"Alexandre Kojeve, a French philosopher who published the reading of Hegelian historical philosophy, is often referred to because he interpreted the Japanese Edo era as a precursor of the postmodern society after the "End of History". Roland Barthes, another French critic, also depicted Japanese tradition as a realization of postmodernism.
The word "postmodern" or " postmodernity" has been widely used to analyze the cultural phenomena after 1970s. Two typical points are often discussed in its context. One is the argument by a French philosopher, Jean-Francois Lyotard. He argued that in the postmodern era "the grand Narrative" which had unified the entire system of knowledge disappears, and that the unity of society is broken up into a lot of various "small narratives" or cultural communities. Jean Baudrillard, a French sociologist, makes the other point. He argued that the modern distinction between the original and the copy, the real and the image, is already lost, and that everything becomes simulacrum in the postmodern era. The former emphasizes its political or social change while the latter is rather aesthetical or cultural discussion, but these two arguments are eventually supported by the same intuition. In the postmodern era, after the 1960s or 1970s, our society is little by little losing the value of "Depth", the value of something behind the visible or perceptible things we are confronted with in our dairy lives.
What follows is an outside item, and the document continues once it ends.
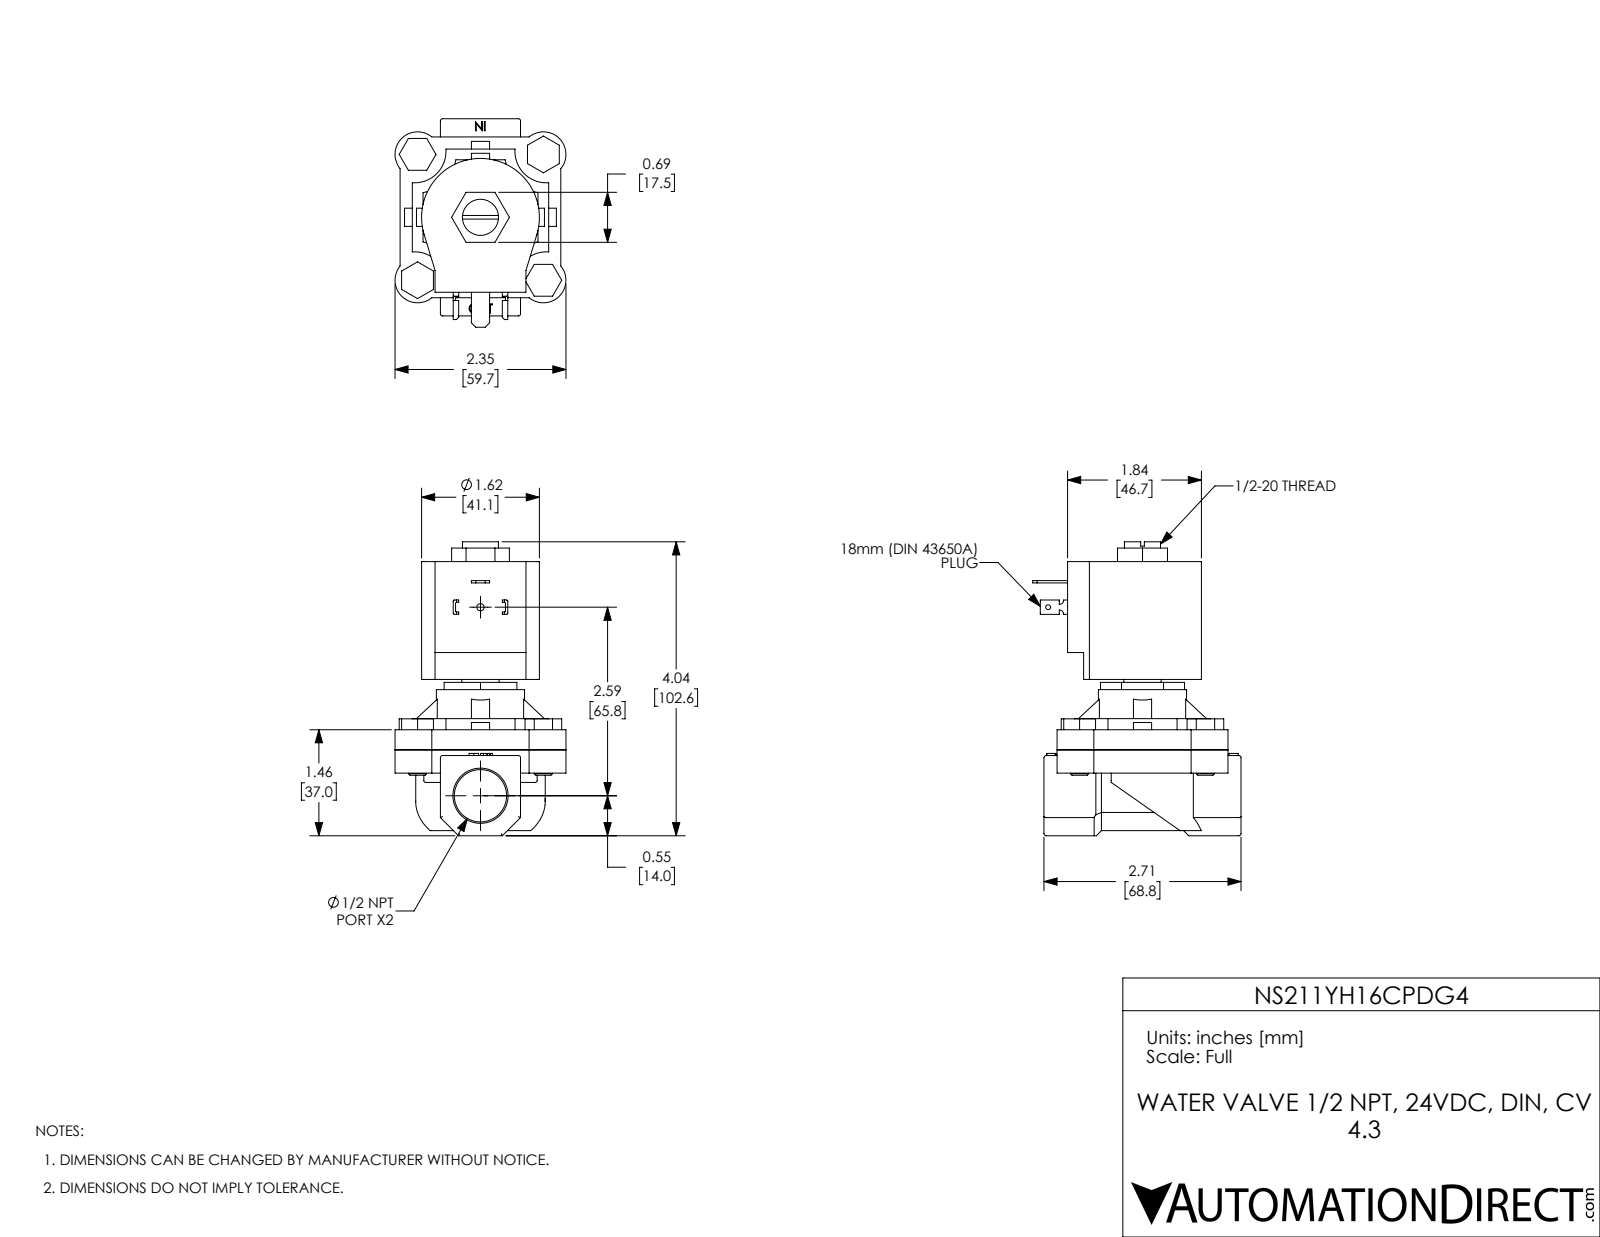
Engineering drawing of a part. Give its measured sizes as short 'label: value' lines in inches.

It may be God, Truth, Justice, Nation, Ideology or Subject depending on the cultural context and all such "grand" things are now losing its credibility --- so say postmodernists. Therefore, we can say that the concept of superflat is exactly and typically postmodernist."
The essay is in two parts and contains some very important information and explanations, especially for my focus area which is quickly becoming the Otaku culture of Japan.